_Record set_.

══════════════════════════════

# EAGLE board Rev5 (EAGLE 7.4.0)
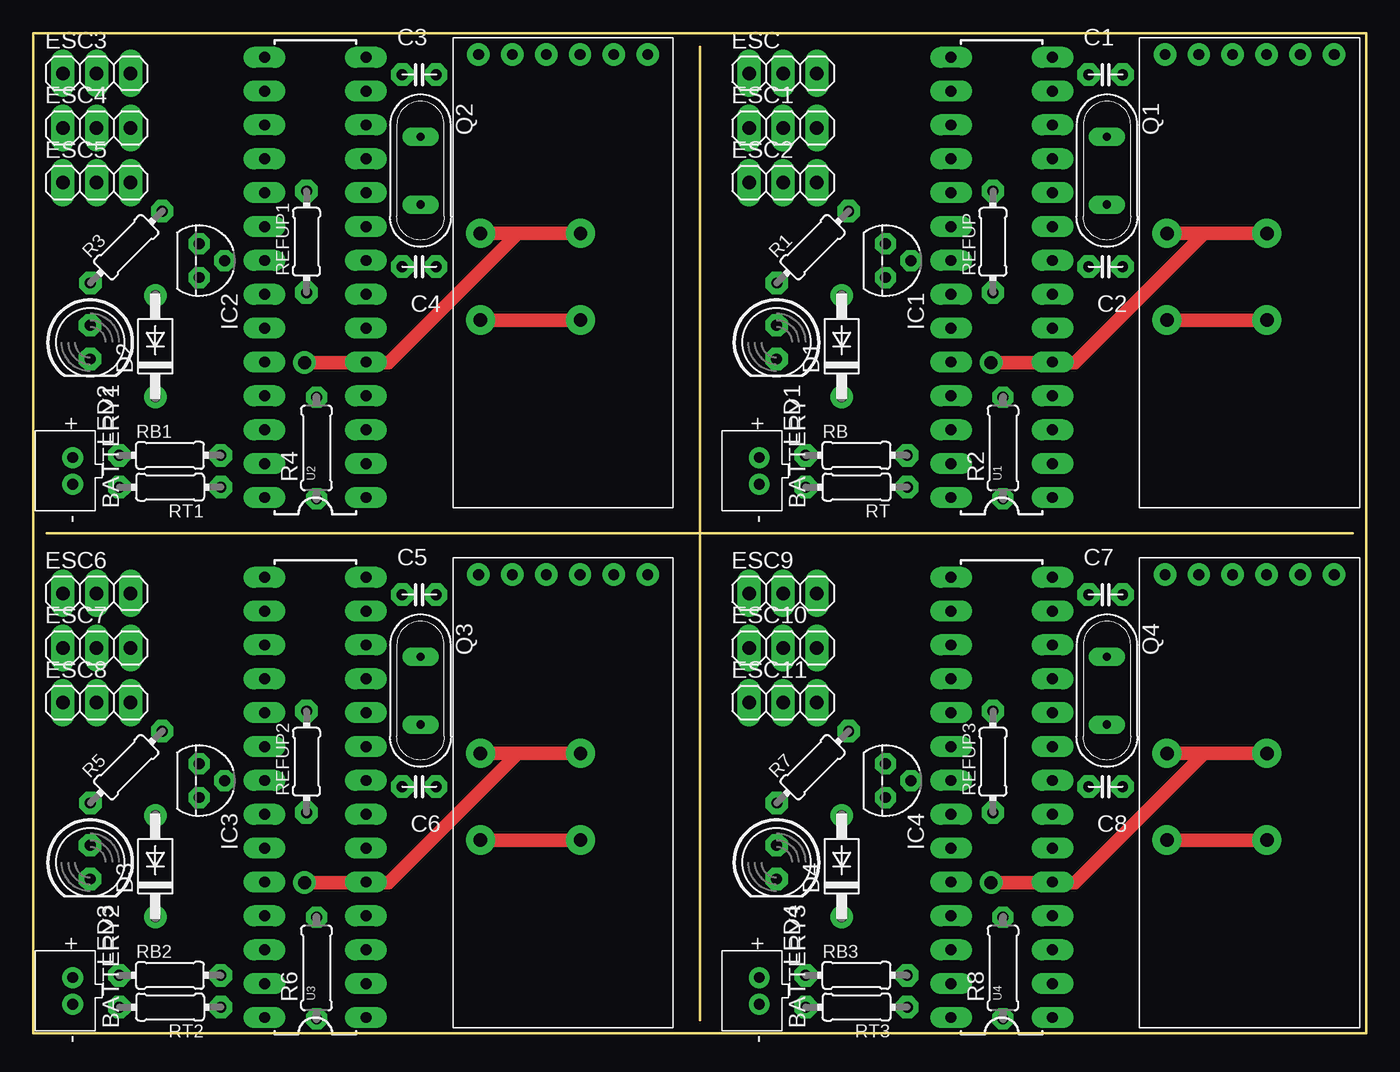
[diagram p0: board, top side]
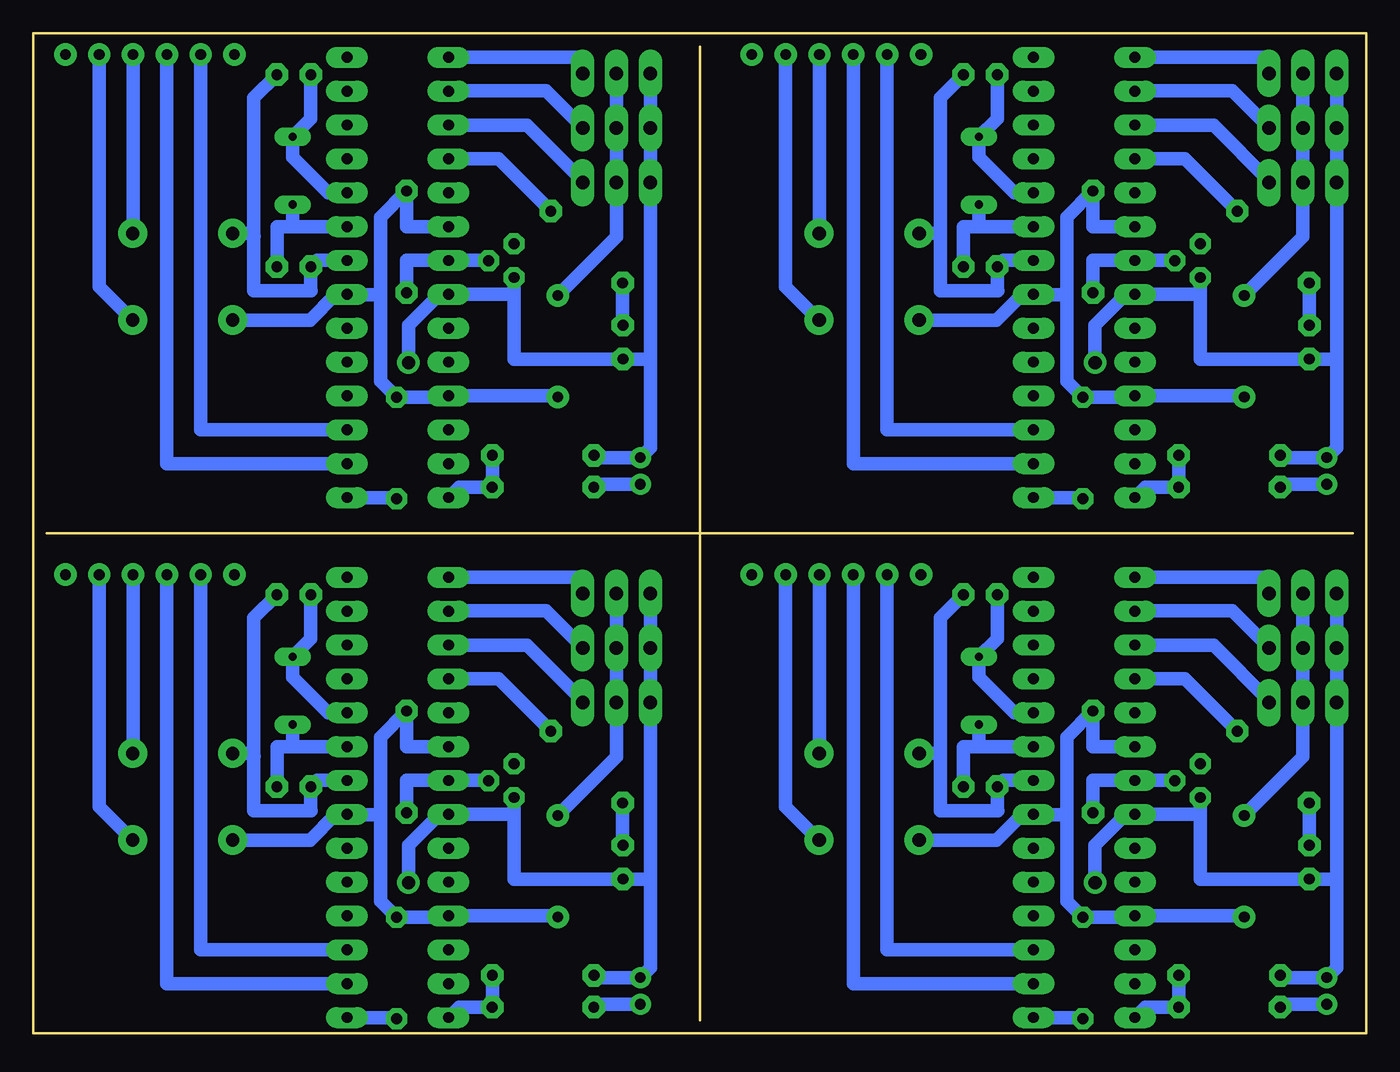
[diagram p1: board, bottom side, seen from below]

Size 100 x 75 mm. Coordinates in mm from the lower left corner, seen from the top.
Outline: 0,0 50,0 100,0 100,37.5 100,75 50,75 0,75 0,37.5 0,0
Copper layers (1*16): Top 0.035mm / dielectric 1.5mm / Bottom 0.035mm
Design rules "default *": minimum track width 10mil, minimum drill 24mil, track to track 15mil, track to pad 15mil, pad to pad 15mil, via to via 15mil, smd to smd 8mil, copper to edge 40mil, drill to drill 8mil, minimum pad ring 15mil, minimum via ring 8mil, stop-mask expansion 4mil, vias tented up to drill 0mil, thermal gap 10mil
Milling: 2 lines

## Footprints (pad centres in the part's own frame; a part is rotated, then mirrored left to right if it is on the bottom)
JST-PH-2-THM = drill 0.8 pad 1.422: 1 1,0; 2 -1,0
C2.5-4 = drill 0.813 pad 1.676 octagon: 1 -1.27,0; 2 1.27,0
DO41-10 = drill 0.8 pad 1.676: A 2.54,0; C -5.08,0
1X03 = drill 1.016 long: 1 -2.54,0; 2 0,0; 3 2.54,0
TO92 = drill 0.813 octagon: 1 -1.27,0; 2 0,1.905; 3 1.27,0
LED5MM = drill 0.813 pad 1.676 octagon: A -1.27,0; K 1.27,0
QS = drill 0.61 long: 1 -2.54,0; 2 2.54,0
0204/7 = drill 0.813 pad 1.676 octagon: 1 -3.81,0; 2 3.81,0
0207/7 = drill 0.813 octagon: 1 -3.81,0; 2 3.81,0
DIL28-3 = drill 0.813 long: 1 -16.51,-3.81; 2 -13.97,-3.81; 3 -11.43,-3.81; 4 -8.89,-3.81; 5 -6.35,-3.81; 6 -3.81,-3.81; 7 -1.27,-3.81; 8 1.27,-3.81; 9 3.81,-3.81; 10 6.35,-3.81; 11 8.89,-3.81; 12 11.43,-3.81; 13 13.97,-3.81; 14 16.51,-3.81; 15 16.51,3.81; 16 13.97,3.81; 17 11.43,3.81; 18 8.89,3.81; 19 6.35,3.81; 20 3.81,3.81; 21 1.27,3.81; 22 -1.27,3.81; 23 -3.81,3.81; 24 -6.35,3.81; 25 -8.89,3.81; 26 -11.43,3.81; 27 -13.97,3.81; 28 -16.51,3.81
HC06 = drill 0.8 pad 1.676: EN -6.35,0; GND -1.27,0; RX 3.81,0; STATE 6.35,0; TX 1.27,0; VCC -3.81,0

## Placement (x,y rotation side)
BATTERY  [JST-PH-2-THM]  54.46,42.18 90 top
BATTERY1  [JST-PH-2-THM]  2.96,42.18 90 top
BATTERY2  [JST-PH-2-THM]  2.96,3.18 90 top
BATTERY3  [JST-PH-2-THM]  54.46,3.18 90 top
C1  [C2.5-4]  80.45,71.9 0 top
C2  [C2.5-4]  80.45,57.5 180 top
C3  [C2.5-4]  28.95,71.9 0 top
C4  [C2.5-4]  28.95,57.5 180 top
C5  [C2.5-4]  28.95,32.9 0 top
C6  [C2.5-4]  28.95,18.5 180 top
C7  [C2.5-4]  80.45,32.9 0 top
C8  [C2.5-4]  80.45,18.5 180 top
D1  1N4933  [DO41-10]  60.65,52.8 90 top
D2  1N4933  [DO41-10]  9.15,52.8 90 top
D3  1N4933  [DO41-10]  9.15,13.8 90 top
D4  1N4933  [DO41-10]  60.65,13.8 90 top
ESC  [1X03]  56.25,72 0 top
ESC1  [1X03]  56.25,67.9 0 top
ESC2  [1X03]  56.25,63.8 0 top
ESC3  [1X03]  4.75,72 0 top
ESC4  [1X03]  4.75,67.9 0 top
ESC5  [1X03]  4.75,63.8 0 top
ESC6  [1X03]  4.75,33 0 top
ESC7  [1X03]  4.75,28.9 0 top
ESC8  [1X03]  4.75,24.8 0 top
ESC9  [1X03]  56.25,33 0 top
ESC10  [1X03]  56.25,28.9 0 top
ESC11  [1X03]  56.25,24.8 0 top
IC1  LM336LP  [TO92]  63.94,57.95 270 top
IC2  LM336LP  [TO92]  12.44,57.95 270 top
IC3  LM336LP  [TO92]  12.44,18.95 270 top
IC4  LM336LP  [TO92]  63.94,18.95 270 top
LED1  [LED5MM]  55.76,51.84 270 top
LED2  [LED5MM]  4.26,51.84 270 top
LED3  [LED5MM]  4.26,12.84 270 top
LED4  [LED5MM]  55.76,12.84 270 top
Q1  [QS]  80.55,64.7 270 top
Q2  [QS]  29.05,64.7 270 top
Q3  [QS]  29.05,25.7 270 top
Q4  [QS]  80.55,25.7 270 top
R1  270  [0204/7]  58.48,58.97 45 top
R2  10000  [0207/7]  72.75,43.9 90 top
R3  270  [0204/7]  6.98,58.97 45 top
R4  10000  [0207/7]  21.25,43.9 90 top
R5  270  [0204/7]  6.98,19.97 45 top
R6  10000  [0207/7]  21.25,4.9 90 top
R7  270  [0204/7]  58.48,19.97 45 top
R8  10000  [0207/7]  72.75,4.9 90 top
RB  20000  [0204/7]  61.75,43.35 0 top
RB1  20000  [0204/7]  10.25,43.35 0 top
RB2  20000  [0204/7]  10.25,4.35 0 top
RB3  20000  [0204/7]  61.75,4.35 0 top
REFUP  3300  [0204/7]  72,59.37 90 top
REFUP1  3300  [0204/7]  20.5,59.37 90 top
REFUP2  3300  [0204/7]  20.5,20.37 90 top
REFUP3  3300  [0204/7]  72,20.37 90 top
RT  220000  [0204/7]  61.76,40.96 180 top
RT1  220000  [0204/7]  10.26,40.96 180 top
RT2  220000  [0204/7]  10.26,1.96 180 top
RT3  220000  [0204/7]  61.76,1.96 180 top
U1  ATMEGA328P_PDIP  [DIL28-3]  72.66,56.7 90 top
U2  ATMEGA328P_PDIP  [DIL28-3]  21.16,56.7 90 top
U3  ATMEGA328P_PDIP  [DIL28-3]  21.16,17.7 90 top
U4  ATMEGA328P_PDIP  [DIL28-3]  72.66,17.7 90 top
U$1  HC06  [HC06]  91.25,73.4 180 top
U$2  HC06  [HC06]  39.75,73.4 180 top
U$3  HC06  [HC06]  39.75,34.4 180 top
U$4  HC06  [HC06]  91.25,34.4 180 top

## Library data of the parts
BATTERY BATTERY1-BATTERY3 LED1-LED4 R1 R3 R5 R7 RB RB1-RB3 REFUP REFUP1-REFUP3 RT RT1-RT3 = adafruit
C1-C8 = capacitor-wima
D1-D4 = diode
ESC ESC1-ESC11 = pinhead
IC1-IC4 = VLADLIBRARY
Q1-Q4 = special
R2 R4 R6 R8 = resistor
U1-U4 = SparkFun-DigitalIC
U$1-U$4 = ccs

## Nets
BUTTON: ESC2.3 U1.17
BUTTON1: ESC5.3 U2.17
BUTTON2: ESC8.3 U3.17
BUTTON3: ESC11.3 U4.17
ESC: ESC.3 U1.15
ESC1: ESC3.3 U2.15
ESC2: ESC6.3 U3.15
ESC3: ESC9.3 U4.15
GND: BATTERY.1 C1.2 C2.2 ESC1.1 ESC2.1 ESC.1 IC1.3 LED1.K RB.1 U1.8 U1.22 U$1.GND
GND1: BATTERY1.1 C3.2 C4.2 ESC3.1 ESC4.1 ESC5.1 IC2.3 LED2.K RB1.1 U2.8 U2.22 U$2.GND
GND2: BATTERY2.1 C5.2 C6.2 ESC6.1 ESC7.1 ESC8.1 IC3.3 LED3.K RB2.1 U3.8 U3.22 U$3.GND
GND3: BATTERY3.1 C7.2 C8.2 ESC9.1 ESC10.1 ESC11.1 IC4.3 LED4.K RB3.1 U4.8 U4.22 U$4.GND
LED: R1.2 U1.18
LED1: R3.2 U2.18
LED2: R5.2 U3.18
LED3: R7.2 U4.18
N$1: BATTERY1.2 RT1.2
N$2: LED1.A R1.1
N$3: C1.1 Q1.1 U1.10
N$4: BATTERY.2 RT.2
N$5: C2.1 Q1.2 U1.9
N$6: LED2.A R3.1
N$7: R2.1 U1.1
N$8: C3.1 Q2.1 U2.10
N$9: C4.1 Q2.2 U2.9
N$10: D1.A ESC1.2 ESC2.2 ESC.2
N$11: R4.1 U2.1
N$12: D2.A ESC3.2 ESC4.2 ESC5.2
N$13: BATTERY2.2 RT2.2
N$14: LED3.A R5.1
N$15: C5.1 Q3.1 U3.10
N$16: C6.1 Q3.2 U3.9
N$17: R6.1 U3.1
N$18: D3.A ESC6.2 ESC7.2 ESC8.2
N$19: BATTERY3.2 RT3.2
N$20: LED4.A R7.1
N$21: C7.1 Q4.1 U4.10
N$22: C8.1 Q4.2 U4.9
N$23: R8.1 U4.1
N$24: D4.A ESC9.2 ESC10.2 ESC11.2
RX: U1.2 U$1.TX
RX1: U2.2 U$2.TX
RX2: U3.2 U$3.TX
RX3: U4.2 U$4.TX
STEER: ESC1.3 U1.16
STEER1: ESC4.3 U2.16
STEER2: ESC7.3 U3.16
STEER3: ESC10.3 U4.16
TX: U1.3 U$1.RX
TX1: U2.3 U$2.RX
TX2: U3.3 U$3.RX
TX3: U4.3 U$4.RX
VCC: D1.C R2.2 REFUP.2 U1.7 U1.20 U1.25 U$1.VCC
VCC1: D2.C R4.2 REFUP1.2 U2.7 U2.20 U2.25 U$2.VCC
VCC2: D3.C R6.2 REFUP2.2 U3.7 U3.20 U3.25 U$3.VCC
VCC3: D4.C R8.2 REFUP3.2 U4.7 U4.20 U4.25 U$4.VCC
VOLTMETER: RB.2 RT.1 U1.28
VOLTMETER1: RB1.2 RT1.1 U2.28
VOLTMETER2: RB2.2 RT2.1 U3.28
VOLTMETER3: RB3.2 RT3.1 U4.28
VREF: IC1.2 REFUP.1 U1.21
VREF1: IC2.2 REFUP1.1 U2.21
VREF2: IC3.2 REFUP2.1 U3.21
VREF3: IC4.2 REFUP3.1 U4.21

══════════════════════════════

Copy out only the lines above from the one with "80.55,64.7 270 top" to the one with "10.25,4.35 0 top", inclusive, exactly as they stand.

_Solution to this task_.
Q1  [QS]  80.55,64.7 270 top
Q2  [QS]  29.05,64.7 270 top
Q3  [QS]  29.05,25.7 270 top
Q4  [QS]  80.55,25.7 270 top
R1  270  [0204/7]  58.48,58.97 45 top
R2  10000  [0207/7]  72.75,43.9 90 top
R3  270  [0204/7]  6.98,58.97 45 top
R4  10000  [0207/7]  21.25,43.9 90 top
R5  270  [0204/7]  6.98,19.97 45 top
R6  10000  [0207/7]  21.25,4.9 90 top
R7  270  [0204/7]  58.48,19.97 45 top
R8  10000  [0207/7]  72.75,4.9 90 top
RB  20000  [0204/7]  61.75,43.35 0 top
RB1  20000  [0204/7]  10.25,43.35 0 top
RB2  20000  [0204/7]  10.25,4.35 0 top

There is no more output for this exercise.